**Task goal**
Using the listing below, output only the lines from the one that contains "#8344=ORIENTED_EDGE('',*,*,#8343,.T.);" through the one that contains "Topology: 1 solids, 27", inclusive, exactly as given and without images.

Content starts

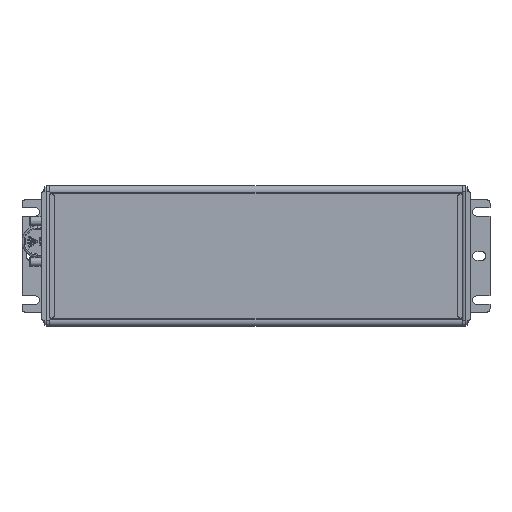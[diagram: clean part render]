
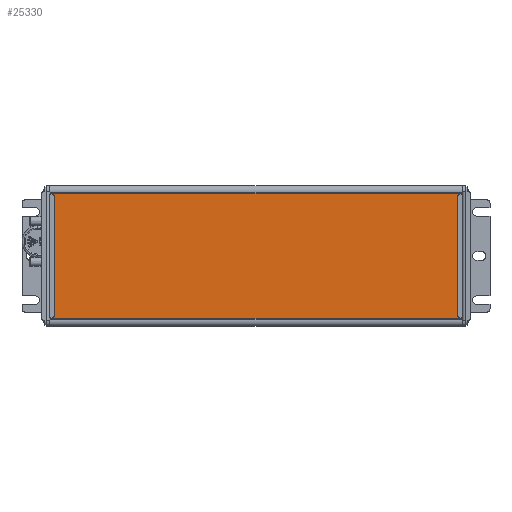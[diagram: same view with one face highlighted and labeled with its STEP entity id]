
A CAD part, front view. The second image highlights one B-rep face of the part: STEP entity #25330.
In plain terms, the highlighted planar face has unit normal (0, -1, 0) as drawn and (0, 1, 0) by its records, which use the part's own axes.
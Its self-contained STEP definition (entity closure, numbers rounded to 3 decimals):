
#19620=CARTESIAN_POINT('',(-29.,17.7,98.1));
#19630=VERTEX_POINT('',#19620);
#19790=CARTESIAN_POINT('',(-30.,17.7,99.1));
#19800=VERTEX_POINT('',#19790);
#19830=CARTESIAN_POINT('',(-29.,17.7,99.1));
#19840=DIRECTION('',(0.,1.,0.));
#19850=DIRECTION('',(0.,0.,1.));
#19860=AXIS2_PLACEMENT_3D('',#19830,#19840,#19850);
#19870=CIRCLE('',#19860,1.);
#19880=EDGE_CURVE('',#19630,#19800,#19870,.T.);
#20740=CARTESIAN_POINT('',(-29.,17.7,-98.1));
#20750=VERTEX_POINT('',#20740);
#20800=CARTESIAN_POINT('',(-29.,17.7,-99.1));
#20810=DIRECTION('',(0.,-1.,0.));
#20820=DIRECTION('',(0.,0.,1.));
#20830=AXIS2_PLACEMENT_3D('',#20800,#20810,#20820);
#20840=CIRCLE('',#20830,1.);
#20850=CARTESIAN_POINT('',(-30.,17.7,-99.1));
#20860=VERTEX_POINT('',#20850);
#20870=EDGE_CURVE('',#20750,#20860,#20840,.T.);
#24080=CARTESIAN_POINT('',(-30.406,17.7,100.3));
#24090=VERTEX_POINT('',#24080);
#24180=CARTESIAN_POINT('',(-30.406,17.7,-100.3));
#24190=VERTEX_POINT('',#24180);
#24220=CARTESIAN_POINT('',(-30.406,17.7,99.5));
#24230=DIRECTION('',(0.,0.,-1.));
#24240=VECTOR('',#24230,1.);
#24250=LINE('',#24220,#24240);
#24260=EDGE_CURVE('',#24090,#24190,#24250,.T.);
#24310=CARTESIAN_POINT('',(0.,17.7,99.5));
#24320=DIRECTION('',(0.,-1.,0.));
#24330=DIRECTION('',(0.,0.,-1.));
#24340=AXIS2_PLACEMENT_3D('',#24310,#24320,#24330);
#24350=PLANE('',#24340);
#24360=CARTESIAN_POINT('',(0.,17.7,-100.3));
#24370=DIRECTION('',(-1.,0.,0.));
#24380=VECTOR('',#24370,1.);
#24390=LINE('',#24360,#24380);
#24400=CARTESIAN_POINT('',(-30.,17.7,-100.3));
#24410=VERTEX_POINT('',#24400);
#24420=EDGE_CURVE('',#24410,#24190,#24390,.T.);
#24430=ORIENTED_EDGE('',*,*,#24420,.T.);
#24440=CARTESIAN_POINT('',(-30.,17.7,-100.3));
#24450=DIRECTION('',(0.,0.,1.));
#24460=VECTOR('',#24450,1.);
#24470=LINE('',#24440,#24460);
#24480=EDGE_CURVE('',#24410,#20860,#24470,.T.);
#24490=ORIENTED_EDGE('',*,*,#24480,.F.);
#24500=ORIENTED_EDGE('',*,*,#20870,.T.);
#24510=CARTESIAN_POINT('',(0.,17.7,-98.1));
#24520=DIRECTION('',(-1.,0.,0.));
#24530=VECTOR('',#24520,1.);
#24540=LINE('',#24510,#24530);
#24550=CARTESIAN_POINT('',(29.,17.7,-98.1));
#24560=VERTEX_POINT('',#24550);
#24570=EDGE_CURVE('',#24560,#20750,#24540,.T.);
#24580=ORIENTED_EDGE('',*,*,#24570,.T.);
#24590=CARTESIAN_POINT('',(29.,17.7,-99.1));
#24600=DIRECTION('',(0.,1.,0.));
#24610=DIRECTION('',(0.,0.,-1.));
#24620=AXIS2_PLACEMENT_3D('',#24590,#24600,#24610);
#24630=CIRCLE('',#24620,1.);
#24640=CARTESIAN_POINT('',(30.,17.7,-99.1));
#24650=VERTEX_POINT('',#24640);
#24660=EDGE_CURVE('',#24560,#24650,#24630,.T.);
#24670=ORIENTED_EDGE('',*,*,#24660,.F.);
#24680=CARTESIAN_POINT('',(30.,17.7,-100.3));
#24690=DIRECTION('',(0.,0.,1.));
#24700=VECTOR('',#24690,1.);
#24710=LINE('',#24680,#24700);
#24720=CARTESIAN_POINT('',(30.,17.7,-100.3));
#24730=VERTEX_POINT('',#24720);
#24740=EDGE_CURVE('',#24730,#24650,#24710,.T.);
#24750=ORIENTED_EDGE('',*,*,#24740,.T.);
#24760=CARTESIAN_POINT('',(30.406,17.7,-100.3));
#24770=VERTEX_POINT('',#24760);
#24780=EDGE_CURVE('',#24770,#24730,#24390,.T.);
#24790=ORIENTED_EDGE('',*,*,#24780,.T.);
#24800=CARTESIAN_POINT('',(30.406,17.7,-99.5));
#24810=DIRECTION('',(0.,0.,1.));
#24820=VECTOR('',#24810,1.);
#24830=LINE('',#24800,#24820);
#24840=CARTESIAN_POINT('',(30.406,17.7,100.3));
#24850=VERTEX_POINT('',#24840);
#24860=EDGE_CURVE('',#24770,#24850,#24830,.T.);
#24870=ORIENTED_EDGE('',*,*,#24860,.F.);
#24880=CARTESIAN_POINT('',(0.,17.7,100.3));
#24890=DIRECTION('',(1.,0.,0.));
#24900=VECTOR('',#24890,1.);
#24910=LINE('',#24880,#24900);
#24920=CARTESIAN_POINT('',(30.,17.7,100.3));
#24930=VERTEX_POINT('',#24920);
#24940=EDGE_CURVE('',#24930,#24850,#24910,.T.);
#24950=ORIENTED_EDGE('',*,*,#24940,.T.);
#24960=CARTESIAN_POINT('',(30.,17.7,100.3));
#24970=DIRECTION('',(0.,0.,-1.));
#24980=VECTOR('',#24970,1.);
#24990=LINE('',#24960,#24980);
#25000=CARTESIAN_POINT('',(30.,17.7,99.1));
#25010=VERTEX_POINT('',#25000);
#25020=EDGE_CURVE('',#24930,#25010,#24990,.T.);
#25030=ORIENTED_EDGE('',*,*,#25020,.F.);
#25040=CARTESIAN_POINT('',(29.,17.7,99.1));
#25050=DIRECTION('',(0.,-1.,0.));
#25060=DIRECTION('',(0.,0.,-1.));
#25070=AXIS2_PLACEMENT_3D('',#25040,#25050,#25060);
#25080=CIRCLE('',#25070,1.);
#25090=CARTESIAN_POINT('',(29.,17.7,98.1));
#25100=VERTEX_POINT('',#25090);
#25110=EDGE_CURVE('',#25100,#25010,#25080,.T.);
#25120=ORIENTED_EDGE('',*,*,#25110,.T.);
#25130=CARTESIAN_POINT('',(0.,17.7,98.1));
#25140=DIRECTION('',(1.,0.,0.));
#25150=VECTOR('',#25140,1.);
#25160=LINE('',#25130,#25150);
#25170=EDGE_CURVE('',#19630,#25100,#25160,.T.);
#25180=ORIENTED_EDGE('',*,*,#25170,.T.);
#25190=ORIENTED_EDGE('',*,*,#19880,.F.);
#25200=CARTESIAN_POINT('',(-30.,17.7,100.3));
#25210=DIRECTION('',(0.,0.,-1.));
#25220=VECTOR('',#25210,1.);
#25230=LINE('',#25200,#25220);
#25240=CARTESIAN_POINT('',(-30.,17.7,100.3));
#25250=VERTEX_POINT('',#25240);
#25260=EDGE_CURVE('',#25250,#19800,#25230,.T.);
#25270=ORIENTED_EDGE('',*,*,#25260,.T.);
#25280=EDGE_CURVE('',#24090,#25250,#24910,.T.);
#25290=ORIENTED_EDGE('',*,*,#25280,.T.);
#25300=ORIENTED_EDGE('',*,*,#24260,.F.);
#25310=EDGE_LOOP('',(#25300,#25290,#25270,#25190,#25180,#25120,#25030,
#24950,#24870,#24790,#24750,#24670,#24580,#24500,#24490,#24430));
#25320=FACE_OUTER_BOUND('',#25310,.T.);
#25330=ADVANCED_FACE('',(#25320),#24350,.F.);
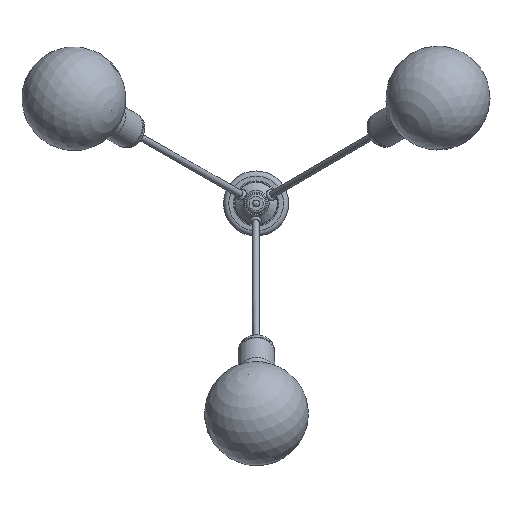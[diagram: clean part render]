
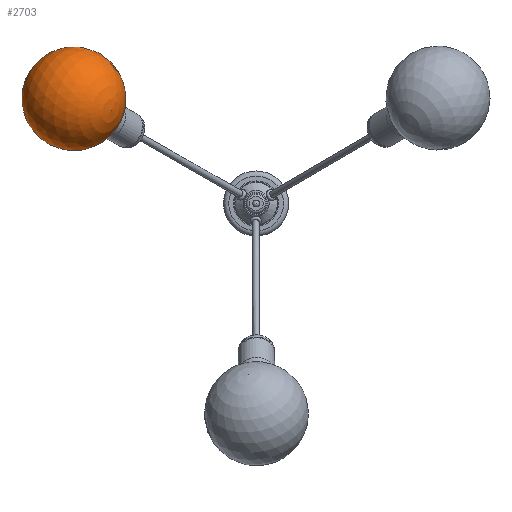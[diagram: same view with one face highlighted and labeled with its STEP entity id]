
A CAD part, front view. The second image highlights one B-rep face of the part: STEP entity #2703.
In plain terms, the highlighted spherical face has radius 60 mm.
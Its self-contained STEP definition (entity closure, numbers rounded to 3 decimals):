
#1709=FACE_BOUND('',#2023,.T.);
#1855=SPHERICAL_SURFACE('',#3067,60.);
#1946=FACE_OUTER_BOUND('',#2022,.T.);
#2022=EDGE_LOOP('',(#2620,#2621));
#2023=EDGE_LOOP('',(#2622,#2623));
#2108=CIRCLE('',#3057,31.766);
#2113=CIRCLE('',#3062,31.766);
#2117=CIRCLE('',#3068,60.);
#2207=VERTEX_POINT('',#5164);
#2208=VERTEX_POINT('',#5165);
#2215=VERTEX_POINT('',#5184);
#2216=VERTEX_POINT('',#5185);
#2343=EDGE_CURVE('',#2207,#2208,#2108,.T.);
#2348=EDGE_CURVE('',#2208,#2207,#2113,.T.);
#2353=EDGE_CURVE('',#2215,#2216,#2117,.T.);
#2620=ORIENTED_EDGE('',*,*,#2353,.T.);
#2621=ORIENTED_EDGE('',*,*,#2353,.F.);
#2622=ORIENTED_EDGE('',*,*,#2343,.F.);
#2623=ORIENTED_EDGE('',*,*,#2348,.F.);
#2703=ADVANCED_FACE('',(#1946,#1709),#1855,.T.);
#3057=AXIS2_PLACEMENT_3D('',#5166,#3828,#3829);
#3062=AXIS2_PLACEMENT_3D('',#5174,#3838,#3839);
#3067=AXIS2_PLACEMENT_3D('',#5183,#3849,#3850);
#3068=AXIS2_PLACEMENT_3D('',#5186,#3851,#3852);
#3828=DIRECTION('center_axis',(0.,1.,0.));
#3829=DIRECTION('ref_axis',(-1.,0.,0.));
#3838=DIRECTION('center_axis',(0.,1.,0.));
#3839=DIRECTION('ref_axis',(-1.,0.,0.));
#3849=DIRECTION('center_axis',(0.,0.,1.));
#3850=DIRECTION('ref_axis',(1.,0.,0.));
#3851=DIRECTION('center_axis',(0.,-1.,0.));
#3852=DIRECTION('ref_axis',(-1.,0.,0.));
#5164=CARTESIAN_POINT('',(31.766,50.901,0.));
#5165=CARTESIAN_POINT('',(0.,50.901,31.766));
#5166=CARTESIAN_POINT('Origin',(0.,50.901,0.));
#5174=CARTESIAN_POINT('Origin',(0.,50.901,0.));
#5183=CARTESIAN_POINT('Origin',(0.,0.,0.));
#5184=CARTESIAN_POINT('',(0.,0.,60.));
#5185=CARTESIAN_POINT('',(0.,0.,-60.));
#5186=CARTESIAN_POINT('Origin',(0.,0.,0.));
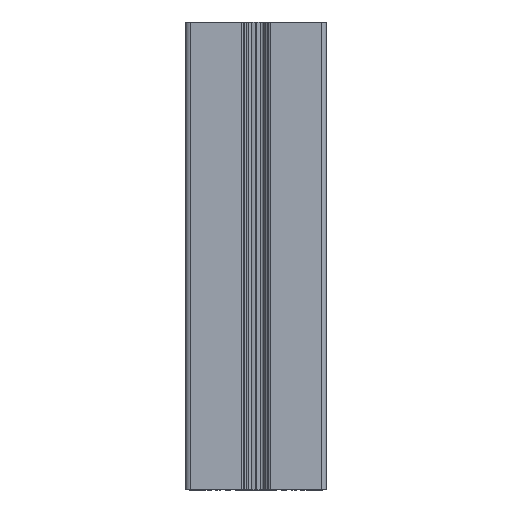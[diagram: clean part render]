
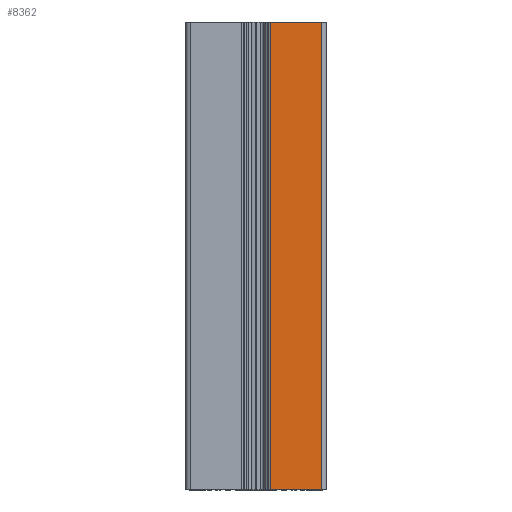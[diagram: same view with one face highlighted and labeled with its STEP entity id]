
A CAD part, front view. The second image highlights one B-rep face of the part: STEP entity #8362.
In plain terms, the highlighted planar face has unit normal (0, -1, 0).
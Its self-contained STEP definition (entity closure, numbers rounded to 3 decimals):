
#8304=CARTESIAN_POINT('',(28.,-30.0,0.));
#8305=VERTEX_POINT('',#8304);
#8313=CARTESIAN_POINT('',(28.,-30.0,-200.0));
#8314=VERTEX_POINT('',#8313);
#8315=CARTESIAN_POINT('',(28.,-30.0,-200.0));
#8316=DIRECTION('',(0.0,0.0,1.0));
#8317=VECTOR('',#8316,200.);
#8318=LINE('',#8315,#8317);
#8319=EDGE_CURVE('',#8314,#8305,#8318,.T.);
#8332=CARTESIAN_POINT('',(28.,-30.0,-200.0));
#8333=DIRECTION('',(0.0,-1.0,0.0));
#8334=DIRECTION('',(0.0,0.0,-1.0));
#8335=AXIS2_PLACEMENT_3D('',#8332,#8333,#8334);
#8336=PLANE('',#8335);
#8337=CARTESIAN_POINT('',(6.,-30.,0.));
#8338=VERTEX_POINT('',#8337);
#8339=CARTESIAN_POINT('',(28.,-30.0,0.0));
#8340=DIRECTION('',(-1.0,0.0,0.0));
#8341=VECTOR('',#8340,22.);
#8342=LINE('',#8339,#8341);
#8343=EDGE_CURVE('',#8305,#8338,#8342,.T.);
#8344=ORIENTED_EDGE('',*,*,#8343,.T.);
#8345=CARTESIAN_POINT('',(6.,-30.,-200.0));
#8346=VERTEX_POINT('',#8345);
#8347=CARTESIAN_POINT('',(6.,-30.,-200.0));
#8348=DIRECTION('',(0.0,0.0,1.0));
#8349=VECTOR('',#8348,200.);
#8350=LINE('',#8347,#8349);
#8351=EDGE_CURVE('',#8346,#8338,#8350,.T.);
#8352=ORIENTED_EDGE('',*,*,#8351,.F.);
#8353=CARTESIAN_POINT('',(6.,-30.,-200.0));
#8354=DIRECTION('',(1.0,0.0,0.0));
#8355=VECTOR('',#8354,22.);
#8356=LINE('',#8353,#8355);
#8357=EDGE_CURVE('',#8346,#8314,#8356,.T.);
#8358=ORIENTED_EDGE('',*,*,#8357,.T.);
#8359=ORIENTED_EDGE('',*,*,#8319,.T.);
#8360=EDGE_LOOP('',(#8344,#8352,#8358,#8359));
#8361=FACE_OUTER_BOUND('',#8360,.T.);
#8362=ADVANCED_FACE('',(#8361),#8336,.T.);
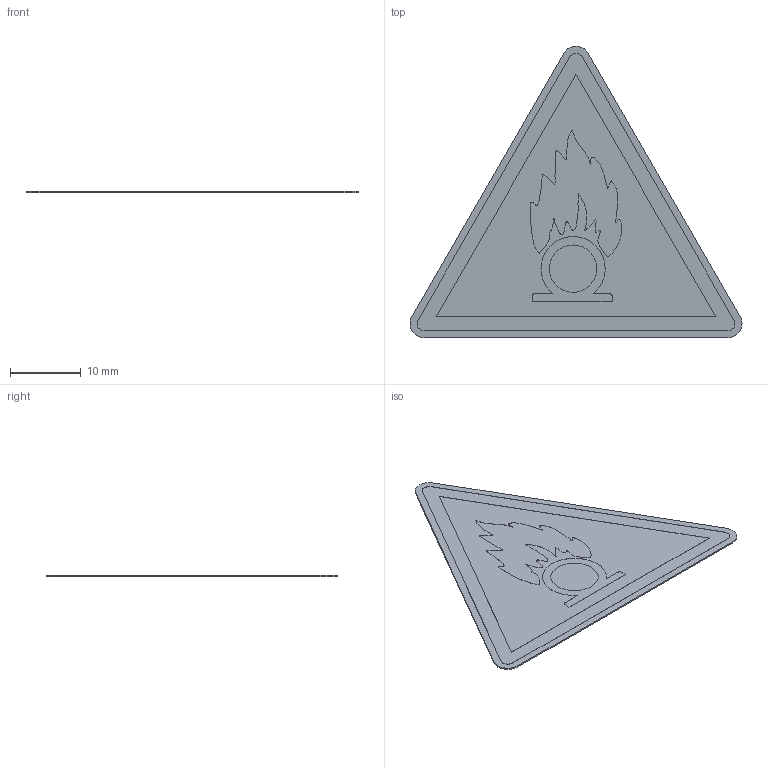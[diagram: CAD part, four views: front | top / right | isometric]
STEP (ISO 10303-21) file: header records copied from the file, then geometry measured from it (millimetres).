
FILE_DESCRIPTION (( 'STEP AP214' ), '1' );
FILE_NAME ('W028_Warnung vor brandfördernden Stoffen.STEP', '2022-02-22T08:24:06', ( '' ), ( '' ), 'SwSTEP 2.0', 'SolidWorks 2021', '' );
FILE_SCHEMA (( 'AUTOMOTIVE_DESIGN' ));
Length unit declared in the file: millimetre
Products named in the file (1): W028_Warnung vor brandfördernden Stoffen
Bounding box: 47.07 x 41.3 x 0.22 mm (x, y, z)
Volume: 221.3 mm3; surface area: 2169.8 mm2
Topology: 1 solids, 1 shells, 39 faces, 96 edges, 64 vertices
Faces by surface type: plane 21, cylinder 15, bspline 3
Entity records: 2108 total; most frequent: CARTESIAN_POINT 827, DIRECTION 194, ORIENTED_EDGE 192, EDGE_CURVE 96, AXIS2_PLACEMENT_3D 67, VERTEX_POINT 64, LINE 60, VECTOR 60
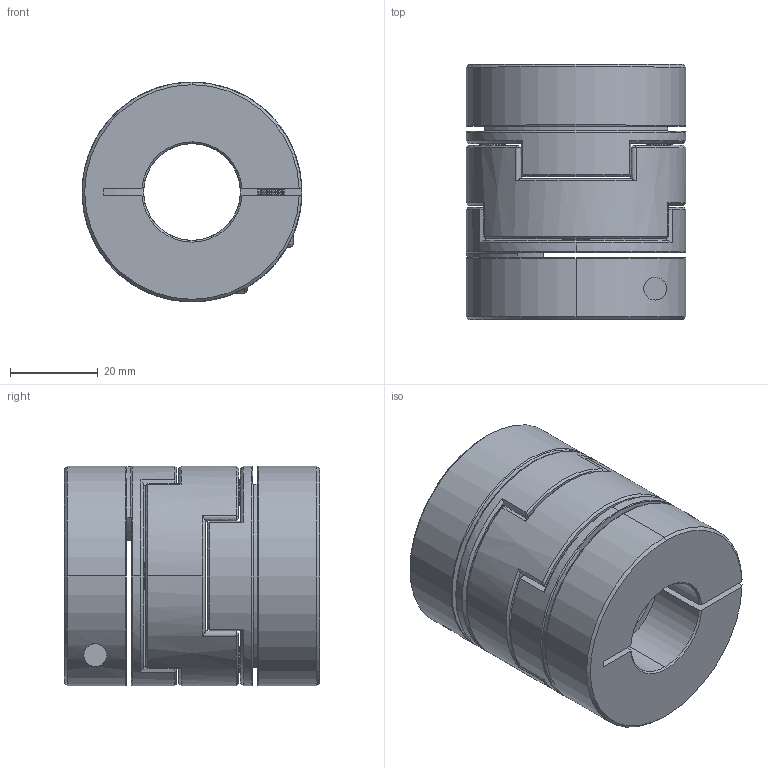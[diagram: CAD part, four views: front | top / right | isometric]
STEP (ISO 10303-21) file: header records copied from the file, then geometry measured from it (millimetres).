
FILE_DESCRIPTION (( 'STEP AP203' ), '1' );
FILE_NAME ('LZ-B-D50L58-22-24.STEP', '2021-10-29T08:16:48', ( '' ), ( '' ), 'SwSTEP 2.0', 'SolidWorks 2018', '' );
FILE_SCHEMA (( 'CONFIG_CONTROL_DESIGN' ));
Length unit declared in the file: millimetre
Products named in the file (1): LZ-B-D50L58-22-24
Bounding box: 50 x 58 x 50 mm (x, y, z)
Volume: 82826.3 mm3; surface area: 29340.3 mm2
Topology: 1 solids, 27 shells, 561 faces, 1370 edges, 814 vertices
Faces by surface type: cone 252, cylinder 160, plane 91, bspline 54, torus 4
Entity records: 17482 total; most frequent: CARTESIAN_POINT 4365, DIRECTION 2786, ORIENTED_EDGE 2732, EDGE_CURVE 1366, AXIS2_PLACEMENT_3D 1124, VERTEX_POINT 814, CIRCLE 616, EDGE_LOOP 594

Content ends

**Solution to this problem**
#8344=ORIENTED_EDGE('',*,*,#8343,.T.);
#8345=CARTESIAN_POINT('',(6.,-30.,-200.0));
#8346=VERTEX_POINT('',#8345);
#8347=CARTESIAN_POINT('',(6.,-30.,-200.0));
#8348=DIRECTION('',(0.0,0.0,1.0));
#8349=VECTOR('',#8348,200.);
#8350=LINE('',#8347,#8349);
#8351=EDGE_CURVE('',#8346,#8338,#8350,.T.);
#8352=ORIENTED_EDGE('',*,*,#8351,.F.);
#8353=CARTESIAN_POINT('',(6.,-30.,-200.0));
#8354=DIRECTION('',(1.0,0.0,0.0));
#8355=VECTOR('',#8354,22.);
#8356=LINE('',#8353,#8355);
#8357=EDGE_CURVE('',#8346,#8314,#8356,.T.);
#8358=ORIENTED_EDGE('',*,*,#8357,.T.);
#8359=ORIENTED_EDGE('',*,*,#8319,.T.);
#8360=EDGE_LOOP('',(#8344,#8352,#8358,#8359));
#8361=FACE_OUTER_BOUND('',#8360,.T.);
#8362=ADVANCED_FACE('',(#8361),#8336,.T.);
[diagram: CAD part, four views: front | top / right | isometric]
STEP (ISO 10303-21) file: header records copied from the file, then geometry measured from it (millimetres).
FILE_DESCRIPTION (( 'STEP AP214' ), '1' );
FILE_NAME ('W028_Warnung vor brandfördernden Stoffen.STEP', '2022-02-22T08:24:06', ( '' ), ( '' ), 'SwSTEP 2.0', 'SolidWorks 2021', '' );
FILE_SCHEMA (( 'AUTOMOTIVE_DESIGN' ));
Length unit declared in the file: millimetre
Products named in the file (1): W028_Warnung vor brandfördernden Stoffen
Bounding box: 47.07 x 41.3 x 0.22 mm (x, y, z)
Volume: 221.3 mm3; surface area: 2169.8 mm2
Topology: 1 solids, 1 shells, 39 faces, 96 edges, 64 vertices
Faces by surface type: plane 21, cylinder 15, bspline 3
Entity records: 2108 total; most frequent: CARTESIAN_POINT 827, DIRECTION 194, ORIENTED_EDGE 192, EDGE_CURVE 96, AXIS2_PLACEMENT_3D 67, VERTEX_POINT 64, LINE 60, VECTOR 60
[diagram: CAD part, four views: front | top / right | isometric]
STEP (ISO 10303-21) file: header records copied from the file, then geometry measured from it (millimetres).
FILE_DESCRIPTION (( 'STEP AP203' ), '1' );
FILE_NAME ('LZ-B-D50L58-22-24.STEP', '2021-10-29T08:16:48', ( '' ), ( '' ), 'SwSTEP 2.0', 'SolidWorks 2018', '' );
FILE_SCHEMA (( 'CONFIG_CONTROL_DESIGN' ));
Length unit declared in the file: millimetre
Products named in the file (1): LZ-B-D50L58-22-24
Bounding box: 50 x 58 x 50 mm (x, y, z)
Volume: 82826.3 mm3; surface area: 29340.3 mm2
Topology: 1 solids, 27 shells, 561 faces, 1370 edges, 814 vertices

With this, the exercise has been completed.